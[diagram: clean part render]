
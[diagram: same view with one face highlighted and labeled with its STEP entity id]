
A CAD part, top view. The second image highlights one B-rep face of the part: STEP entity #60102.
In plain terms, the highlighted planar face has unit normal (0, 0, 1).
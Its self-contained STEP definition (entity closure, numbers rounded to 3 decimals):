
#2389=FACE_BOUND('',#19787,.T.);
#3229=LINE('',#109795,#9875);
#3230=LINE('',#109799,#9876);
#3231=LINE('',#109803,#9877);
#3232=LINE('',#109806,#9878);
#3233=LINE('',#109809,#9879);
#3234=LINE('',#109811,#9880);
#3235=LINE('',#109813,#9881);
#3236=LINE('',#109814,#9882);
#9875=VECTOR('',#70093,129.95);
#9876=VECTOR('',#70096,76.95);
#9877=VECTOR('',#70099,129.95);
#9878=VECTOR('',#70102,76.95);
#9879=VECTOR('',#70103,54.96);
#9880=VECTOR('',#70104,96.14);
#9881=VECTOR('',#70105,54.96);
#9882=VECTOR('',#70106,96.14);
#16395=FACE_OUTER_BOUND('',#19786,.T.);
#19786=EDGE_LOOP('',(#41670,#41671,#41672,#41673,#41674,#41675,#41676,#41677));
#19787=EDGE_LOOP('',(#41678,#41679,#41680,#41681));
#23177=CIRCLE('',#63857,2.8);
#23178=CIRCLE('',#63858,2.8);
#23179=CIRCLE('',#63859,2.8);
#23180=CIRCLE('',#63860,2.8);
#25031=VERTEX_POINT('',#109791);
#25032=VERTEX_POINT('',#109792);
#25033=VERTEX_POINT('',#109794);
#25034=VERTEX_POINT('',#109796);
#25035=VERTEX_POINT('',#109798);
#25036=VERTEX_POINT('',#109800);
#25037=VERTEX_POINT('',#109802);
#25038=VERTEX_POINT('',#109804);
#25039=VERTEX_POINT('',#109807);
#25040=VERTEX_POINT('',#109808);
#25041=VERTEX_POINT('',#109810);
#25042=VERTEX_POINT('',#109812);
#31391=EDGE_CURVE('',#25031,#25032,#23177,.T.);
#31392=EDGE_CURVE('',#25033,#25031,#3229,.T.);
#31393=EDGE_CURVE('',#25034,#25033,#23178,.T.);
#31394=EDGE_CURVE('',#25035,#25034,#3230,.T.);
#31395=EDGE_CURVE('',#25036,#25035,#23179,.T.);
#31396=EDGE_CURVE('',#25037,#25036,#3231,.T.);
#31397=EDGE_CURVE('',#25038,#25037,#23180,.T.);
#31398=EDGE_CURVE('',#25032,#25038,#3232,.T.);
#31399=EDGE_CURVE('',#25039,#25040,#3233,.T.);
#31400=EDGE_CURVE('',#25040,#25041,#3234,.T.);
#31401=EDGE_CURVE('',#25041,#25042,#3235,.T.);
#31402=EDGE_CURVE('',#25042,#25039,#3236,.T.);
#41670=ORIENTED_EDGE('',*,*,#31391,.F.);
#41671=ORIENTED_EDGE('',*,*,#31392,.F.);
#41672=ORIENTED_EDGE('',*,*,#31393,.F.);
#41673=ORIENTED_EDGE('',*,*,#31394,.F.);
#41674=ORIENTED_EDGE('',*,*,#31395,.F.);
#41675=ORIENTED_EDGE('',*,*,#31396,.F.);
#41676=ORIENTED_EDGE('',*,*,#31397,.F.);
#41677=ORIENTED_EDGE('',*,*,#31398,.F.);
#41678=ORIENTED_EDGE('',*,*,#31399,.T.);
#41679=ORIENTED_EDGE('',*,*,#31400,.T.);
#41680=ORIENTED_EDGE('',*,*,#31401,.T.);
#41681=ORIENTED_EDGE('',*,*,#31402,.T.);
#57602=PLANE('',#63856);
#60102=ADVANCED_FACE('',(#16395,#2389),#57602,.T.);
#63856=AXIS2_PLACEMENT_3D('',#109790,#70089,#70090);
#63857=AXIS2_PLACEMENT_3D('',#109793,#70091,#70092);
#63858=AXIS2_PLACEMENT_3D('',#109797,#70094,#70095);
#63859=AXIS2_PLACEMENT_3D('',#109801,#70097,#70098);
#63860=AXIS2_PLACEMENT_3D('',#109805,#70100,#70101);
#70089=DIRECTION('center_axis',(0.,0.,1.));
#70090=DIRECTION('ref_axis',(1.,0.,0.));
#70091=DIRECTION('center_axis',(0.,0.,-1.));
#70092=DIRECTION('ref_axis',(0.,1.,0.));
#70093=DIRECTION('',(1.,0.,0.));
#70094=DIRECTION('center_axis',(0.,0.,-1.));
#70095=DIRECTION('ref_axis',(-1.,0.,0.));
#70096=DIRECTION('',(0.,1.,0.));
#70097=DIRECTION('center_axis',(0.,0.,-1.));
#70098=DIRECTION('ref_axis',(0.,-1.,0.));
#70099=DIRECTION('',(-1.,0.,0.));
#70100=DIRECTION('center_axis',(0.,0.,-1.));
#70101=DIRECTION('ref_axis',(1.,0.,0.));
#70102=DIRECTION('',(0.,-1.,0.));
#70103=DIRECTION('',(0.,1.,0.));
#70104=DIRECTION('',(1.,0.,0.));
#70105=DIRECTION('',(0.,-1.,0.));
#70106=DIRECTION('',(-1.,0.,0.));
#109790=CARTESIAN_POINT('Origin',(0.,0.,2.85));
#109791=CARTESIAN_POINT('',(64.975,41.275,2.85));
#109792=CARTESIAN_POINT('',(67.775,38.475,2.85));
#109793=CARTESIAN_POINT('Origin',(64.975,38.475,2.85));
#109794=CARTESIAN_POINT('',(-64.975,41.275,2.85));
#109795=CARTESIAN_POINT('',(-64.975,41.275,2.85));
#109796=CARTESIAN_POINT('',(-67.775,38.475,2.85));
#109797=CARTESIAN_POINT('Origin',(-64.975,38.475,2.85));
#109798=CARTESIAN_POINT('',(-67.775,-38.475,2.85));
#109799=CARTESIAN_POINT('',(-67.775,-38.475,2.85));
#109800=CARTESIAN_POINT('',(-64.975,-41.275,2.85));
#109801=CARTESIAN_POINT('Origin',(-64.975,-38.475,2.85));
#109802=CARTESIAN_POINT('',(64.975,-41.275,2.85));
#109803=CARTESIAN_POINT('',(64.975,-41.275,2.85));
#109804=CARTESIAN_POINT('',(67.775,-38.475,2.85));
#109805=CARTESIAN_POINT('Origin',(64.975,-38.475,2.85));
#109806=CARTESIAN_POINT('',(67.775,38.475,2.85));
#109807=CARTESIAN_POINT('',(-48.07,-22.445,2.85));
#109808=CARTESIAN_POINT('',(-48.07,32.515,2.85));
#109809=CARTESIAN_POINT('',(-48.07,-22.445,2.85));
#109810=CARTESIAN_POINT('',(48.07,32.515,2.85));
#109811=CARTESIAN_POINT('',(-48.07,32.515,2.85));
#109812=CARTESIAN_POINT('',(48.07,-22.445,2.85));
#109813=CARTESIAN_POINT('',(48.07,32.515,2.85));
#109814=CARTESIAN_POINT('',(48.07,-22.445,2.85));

### [Brief]
Give back each record above exactly as written.

### [Response]
[diagram: clean part render]
[diagram: same view with one face highlighted and labeled with its STEP entity id]
A CAD part, top view. The second image highlights one B-rep face of the part: STEP entity #60102.
In plain terms, the highlighted planar face has unit normal (0, 0, 1).
Its self-contained STEP definition (entity closure, numbers rounded to 3 decimals):
#2389=FACE_BOUND('',#19787,.T.);
#3229=LINE('',#109795,#9875);
#3230=LINE('',#109799,#9876);
#3231=LINE('',#109803,#9877);
#3232=LINE('',#109806,#9878);
#3233=LINE('',#109809,#9879);
#3234=LINE('',#109811,#9880);
#3235=LINE('',#109813,#9881);
#3236=LINE('',#109814,#9882);
#9875=VECTOR('',#70093,129.95);
#9876=VECTOR('',#70096,76.95);
#9877=VECTOR('',#70099,129.95);
#9878=VECTOR('',#70102,76.95);
#9879=VECTOR('',#70103,54.96);
#9880=VECTOR('',#70104,96.14);
#9881=VECTOR('',#70105,54.96);
#9882=VECTOR('',#70106,96.14);
#16395=FACE_OUTER_BOUND('',#19786,.T.);
#19786=EDGE_LOOP('',(#41670,#41671,#41672,#41673,#41674,#41675,#41676,#41677));
#19787=EDGE_LOOP('',(#41678,#41679,#41680,#41681));
#23177=CIRCLE('',#63857,2.8);
#23178=CIRCLE('',#63858,2.8);
#23179=CIRCLE('',#63859,2.8);
#23180=CIRCLE('',#63860,2.8);
#25031=VERTEX_POINT('',#109791);
#25032=VERTEX_POINT('',#109792);
#25033=VERTEX_POINT('',#109794);
#25034=VERTEX_POINT('',#109796);
#25035=VERTEX_POINT('',#109798);
#25036=VERTEX_POINT('',#109800);
#25037=VERTEX_POINT('',#109802);
#25038=VERTEX_POINT('',#109804);
#25039=VERTEX_POINT('',#109807);
#25040=VERTEX_POINT('',#109808);
#25041=VERTEX_POINT('',#109810);
#25042=VERTEX_POINT('',#109812);
#31391=EDGE_CURVE('',#25031,#25032,#23177,.T.);
#31392=EDGE_CURVE('',#25033,#25031,#3229,.T.);
#31393=EDGE_CURVE('',#25034,#25033,#23178,.T.);
#31394=EDGE_CURVE('',#25035,#25034,#3230,.T.);
#31395=EDGE_CURVE('',#25036,#25035,#23179,.T.);
#31396=EDGE_CURVE('',#25037,#25036,#3231,.T.);
#31397=EDGE_CURVE('',#25038,#25037,#23180,.T.);
#31398=EDGE_CURVE('',#25032,#25038,#3232,.T.);
#31399=EDGE_CURVE('',#25039,#25040,#3233,.T.);
#31400=EDGE_CURVE('',#25040,#25041,#3234,.T.);
#31401=EDGE_CURVE('',#25041,#25042,#3235,.T.);
#31402=EDGE_CURVE('',#25042,#25039,#3236,.T.);
#41670=ORIENTED_EDGE('',*,*,#31391,.F.);
#41671=ORIENTED_EDGE('',*,*,#31392,.F.);
#41672=ORIENTED_EDGE('',*,*,#31393,.F.);
#41673=ORIENTED_EDGE('',*,*,#31394,.F.);
#41674=ORIENTED_EDGE('',*,*,#31395,.F.);
#41675=ORIENTED_EDGE('',*,*,#31396,.F.);
#41676=ORIENTED_EDGE('',*,*,#31397,.F.);
#41677=ORIENTED_EDGE('',*,*,#31398,.F.);
#41678=ORIENTED_EDGE('',*,*,#31399,.T.);
#41679=ORIENTED_EDGE('',*,*,#31400,.T.);
#41680=ORIENTED_EDGE('',*,*,#31401,.T.);
#41681=ORIENTED_EDGE('',*,*,#31402,.T.);
#57602=PLANE('',#63856);
#60102=ADVANCED_FACE('',(#16395,#2389),#57602,.T.);
#63856=AXIS2_PLACEMENT_3D('',#109790,#70089,#70090);
#63857=AXIS2_PLACEMENT_3D('',#109793,#70091,#70092);
#63858=AXIS2_PLACEMENT_3D('',#109797,#70094,#70095);
#63859=AXIS2_PLACEMENT_3D('',#109801,#70097,#70098);
#63860=AXIS2_PLACEMENT_3D('',#109805,#70100,#70101);
#70089=DIRECTION('center_axis',(0.,0.,1.));
#70090=DIRECTION('ref_axis',(1.,0.,0.));
#70091=DIRECTION('center_axis',(0.,0.,-1.));
#70092=DIRECTION('ref_axis',(0.,1.,0.));
#70093=DIRECTION('',(1.,0.,0.));
#70094=DIRECTION('center_axis',(0.,0.,-1.));
#70095=DIRECTION('ref_axis',(-1.,0.,0.));
#70096=DIRECTION('',(0.,1.,0.));
#70097=DIRECTION('center_axis',(0.,0.,-1.));
#70098=DIRECTION('ref_axis',(0.,-1.,0.));
#70099=DIRECTION('',(-1.,0.,0.));
#70100=DIRECTION('center_axis',(0.,0.,-1.));
#70101=DIRECTION('ref_axis',(1.,0.,0.));
#70102=DIRECTION('',(0.,-1.,0.));
#70103=DIRECTION('',(0.,1.,0.));
#70104=DIRECTION('',(1.,0.,0.));
#70105=DIRECTION('',(0.,-1.,0.));
#70106=DIRECTION('',(-1.,0.,0.));
#109790=CARTESIAN_POINT('Origin',(0.,0.,2.85));
#109791=CARTESIAN_POINT('',(64.975,41.275,2.85));
#109792=CARTESIAN_POINT('',(67.775,38.475,2.85));
#109793=CARTESIAN_POINT('Origin',(64.975,38.475,2.85));
#109794=CARTESIAN_POINT('',(-64.975,41.275,2.85));
#109795=CARTESIAN_POINT('',(-64.975,41.275,2.85));
#109796=CARTESIAN_POINT('',(-67.775,38.475,2.85));
#109797=CARTESIAN_POINT('Origin',(-64.975,38.475,2.85));
#109798=CARTESIAN_POINT('',(-67.775,-38.475,2.85));
#109799=CARTESIAN_POINT('',(-67.775,-38.475,2.85));
#109800=CARTESIAN_POINT('',(-64.975,-41.275,2.85));
#109801=CARTESIAN_POINT('Origin',(-64.975,-38.475,2.85));
#109802=CARTESIAN_POINT('',(64.975,-41.275,2.85));
#109803=CARTESIAN_POINT('',(64.975,-41.275,2.85));
#109804=CARTESIAN_POINT('',(67.775,-38.475,2.85));
#109805=CARTESIAN_POINT('Origin',(64.975,-38.475,2.85));
#109806=CARTESIAN_POINT('',(67.775,38.475,2.85));
#109807=CARTESIAN_POINT('',(-48.07,-22.445,2.85));
#109808=CARTESIAN_POINT('',(-48.07,32.515,2.85));
#109809=CARTESIAN_POINT('',(-48.07,-22.445,2.85));
#109810=CARTESIAN_POINT('',(48.07,32.515,2.85));
#109811=CARTESIAN_POINT('',(-48.07,32.515,2.85));
#109812=CARTESIAN_POINT('',(48.07,-22.445,2.85));
#109813=CARTESIAN_POINT('',(48.07,32.515,2.85));
#109814=CARTESIAN_POINT('',(48.07,-22.445,2.85));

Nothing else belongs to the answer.